An Integrated Listening Platform will bridge the vendor-consumer gap 
The Web Analytics Demystified whitepaper mentioned here previously refers to this future capability as an “Integrated Listening Platform” that will combine a number of VoC tools as well as product and customer management functionality to bridge the gap between the offerings of a business and the needs of the customer, naming the following list as just the beginning:
  • Web analytics tools
  • Customer experience management tools
  • Testing platforms
  • Customer Relationship Management (CRM) platforms
Recognizing that advances in text mining are crucial to the inner workings of this integrated platform, “Team Demystified” posits the following:
These integrations will take advantage of tool-to-tool interface integrations or pre-built APIs [Application Programming Interfaces] to exchange data between systems, making customer feedback more integral to systems that have traditionally been customer-unaware.

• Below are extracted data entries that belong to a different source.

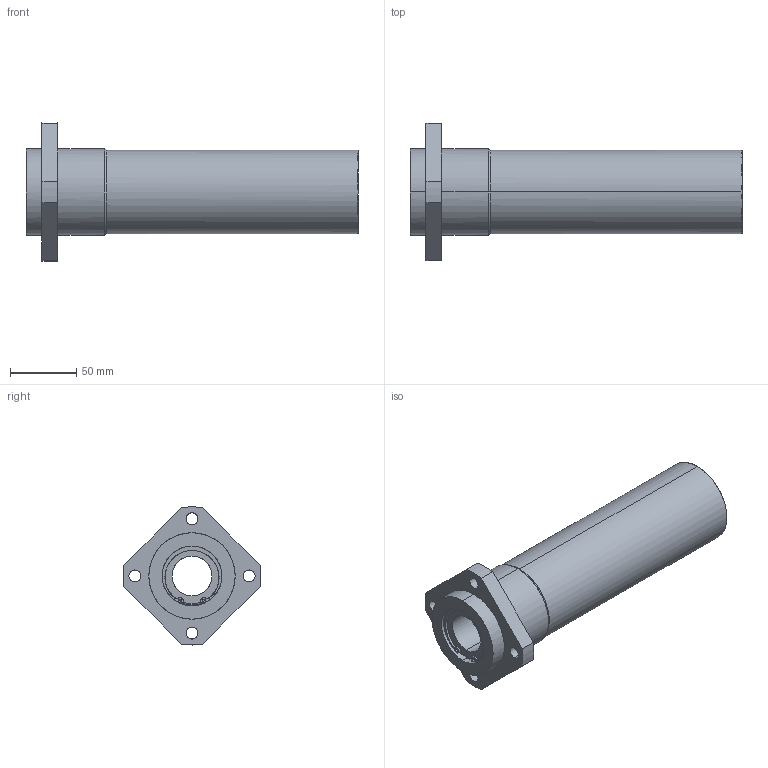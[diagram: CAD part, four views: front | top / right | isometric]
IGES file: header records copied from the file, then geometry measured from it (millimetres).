
Global section: file name: No Iges File Name specified; native system: AutoDesk Inventor R11.0; preprocessor: AutoDesk Inventor Iges Exporter R11.0; author: No Author specified; organization: No Organization specified; date: 20170922.140503; units: millimetre
Bounding box: 250 x 103.86 x 103.93 mm (x, y, z)
Surface area: 96239.2 mm2 (no closed solid volume)
Topology: 0 solids, 0 shells, 133 faces, 984 edges, 984 vertices
Faces by surface type: bspline 133

Ultimately, the insights obtained from such integrated platforms will be without value unless the vendors choose to act in a timely manner with the needed changes.  Companies that can demonstrate such agility and responsiveness will have an edge over their competitors.  In today’s hyper-connected world of consumers and ready availability of marketplace choices, this edge can very easily determine which businesses thrive and which collapse.  And as the availability of computing resources continues to grow at an increasing rate, free-market competition will revolutionize the implementation of VoC into something completely unimaginable just two decades ago when it was born.  Such acknowledgement of the value of customer feedback can only lead to a world where the customer is king and quality reigns supreme.


[1] Griffin, Abbie and John R. Hauser, “The Voice of the Customer”, Marketing Science, 12 (1), 1993, pp 1-27.
[2] Capitalizing on Voice of Customer, a collaborative e-book, 2010.
[3] Greco, Adam, “The Future of Voice of Customer”, Web Analytics Demystified, Inc., 2012.
[4] Klie, Leonard, “Listening to the Voice of the Customer”, CRM Magazine, July 2012.
[5]Lessons Learned from the 2011 Voice of the Customer Award Winners”, (captured in a presentation prepared by Rapide) Forrester Research, Inc., 2011.